(Records from a data collection)

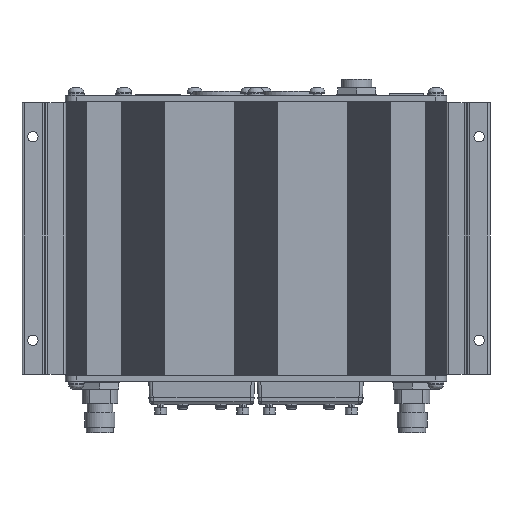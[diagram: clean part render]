
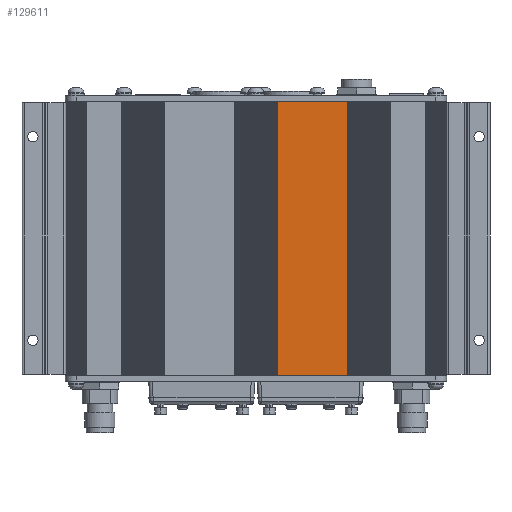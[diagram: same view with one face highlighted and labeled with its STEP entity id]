
A CAD part, front view. The second image highlights one B-rep face of the part: STEP entity #129611.
In plain terms, the highlighted planar face has unit normal (0, -1, 0).
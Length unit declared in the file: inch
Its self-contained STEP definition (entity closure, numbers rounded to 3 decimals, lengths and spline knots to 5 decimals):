
#96731=DIRECTION('',(-1.,0.,0.));
#96732=VECTOR('',#96731,1.01339);
#96733=CARTESIAN_POINT('',(1.32756,-0.79331,
-1.98819));
#96734=LINE('',#96733,#96732);
#103229=DIRECTION('',(0.,0.,1.));
#103230=VECTOR('',#103229,3.97638);
#103231=CARTESIAN_POINT('',(0.31417,-0.79331,
-1.98819));
#103232=LINE('',#103231,#103230);
#103233=DIRECTION('',(-1.,0.,0.));
#103234=VECTOR('',#103233,1.01339);
#103235=CARTESIAN_POINT('',(1.32756,-0.79331,
1.98819));
#103236=LINE('',#103235,#103234);
#103241=DIRECTION('',(0.,0.,-1.));
#103242=VECTOR('',#103241,3.97638);
#103243=CARTESIAN_POINT('',(1.32756,-0.79331,
1.98819));
#103244=LINE('',#103243,#103242);
#117481=CARTESIAN_POINT('',(1.32756,-0.79331,
1.98819));
#117482=CARTESIAN_POINT('',(0.31417,-0.79331,
1.98819));
#117483=VERTEX_POINT('',#117481);
#117484=VERTEX_POINT('',#117482);
#117485=CARTESIAN_POINT('',(1.32756,-0.79331,
-1.98819));
#117486=CARTESIAN_POINT('',(0.31417,-0.79331,
-1.98819));
#117487=VERTEX_POINT('',#117485);
#117488=VERTEX_POINT('',#117486);
#129599=CARTESIAN_POINT('',(0.,-0.79331,-1.98819));
#129600=DIRECTION('',(0.,1.,0.));
#129601=DIRECTION('',(0.,0.,1.));
#129602=AXIS2_PLACEMENT_3D('',#129599,#129600,#129601);
#129603=PLANE('',#129602);
#129605=ORIENTED_EDGE('',*,*,#129604,.T.);
#129606=ORIENTED_EDGE('',*,*,#126069,.T.);
#129607=ORIENTED_EDGE('',*,*,#129593,.T.);
#129608=ORIENTED_EDGE('',*,*,#125646,.F.);
#129609=EDGE_LOOP('',(#129605,#129606,#129607,#129608));
#129610=FACE_OUTER_BOUND('',#129609,.F.);
#129611=ADVANCED_FACE('',(#129610),#129603,.F.);
#125646=EDGE_CURVE('',#117483,#117484,#103236,.T.);
#126069=EDGE_CURVE('',#117487,#117488,#96734,.T.);
#129593=EDGE_CURVE('',#117488,#117484,#103232,.T.);
#129604=EDGE_CURVE('',#117483,#117487,#103244,.T.);

§ The problem
Your output should be the records above, duplicated exactly and picture-free.

§ Response
[diagram: clean part render]
[diagram: same view with one face highlighted and labeled with its STEP entity id]
A CAD part, front view. The second image highlights one B-rep face of the part: STEP entity #129611.
In plain terms, the highlighted planar face has unit normal (0, -1, 0).
Length unit declared in the file: inch
Its self-contained STEP definition (entity closure, numbers rounded to 3 decimals, lengths and spline knots to 5 decimals):
#96731=DIRECTION('',(-1.,0.,0.));
#96732=VECTOR('',#96731,1.01339);
#96733=CARTESIAN_POINT('',(1.32756,-0.79331,
-1.98819));
#96734=LINE('',#96733,#96732);
#103229=DIRECTION('',(0.,0.,1.));
#103230=VECTOR('',#103229,3.97638);
#103231=CARTESIAN_POINT('',(0.31417,-0.79331,
-1.98819));
#103232=LINE('',#103231,#103230);
#103233=DIRECTION('',(-1.,0.,0.));
#103234=VECTOR('',#103233,1.01339);
#103235=CARTESIAN_POINT('',(1.32756,-0.79331,
1.98819));
#103236=LINE('',#103235,#103234);
#103241=DIRECTION('',(0.,0.,-1.));
#103242=VECTOR('',#103241,3.97638);
#103243=CARTESIAN_POINT('',(1.32756,-0.79331,
1.98819));
#103244=LINE('',#103243,#103242);
#117481=CARTESIAN_POINT('',(1.32756,-0.79331,
1.98819));
#117482=CARTESIAN_POINT('',(0.31417,-0.79331,
1.98819));
#117483=VERTEX_POINT('',#117481);
#117484=VERTEX_POINT('',#117482);
#117485=CARTESIAN_POINT('',(1.32756,-0.79331,
-1.98819));
#117486=CARTESIAN_POINT('',(0.31417,-0.79331,
-1.98819));
#117487=VERTEX_POINT('',#117485);
#117488=VERTEX_POINT('',#117486);
#129599=CARTESIAN_POINT('',(0.,-0.79331,-1.98819));
#129600=DIRECTION('',(0.,1.,0.));
#129601=DIRECTION('',(0.,0.,1.));
#129602=AXIS2_PLACEMENT_3D('',#129599,#129600,#129601);
#129603=PLANE('',#129602);
#129605=ORIENTED_EDGE('',*,*,#129604,.T.);
#129606=ORIENTED_EDGE('',*,*,#126069,.T.);
#129607=ORIENTED_EDGE('',*,*,#129593,.T.);
#129608=ORIENTED_EDGE('',*,*,#125646,.F.);
#129609=EDGE_LOOP('',(#129605,#129606,#129607,#129608));
#129610=FACE_OUTER_BOUND('',#129609,.F.);
#129611=ADVANCED_FACE('',(#129610),#129603,.F.);
#125646=EDGE_CURVE('',#117483,#117484,#103236,.T.);
#126069=EDGE_CURVE('',#117487,#117488,#96734,.T.);
#129593=EDGE_CURVE('',#117488,#117484,#103232,.T.);
#129604=EDGE_CURVE('',#117483,#117487,#103244,.T.);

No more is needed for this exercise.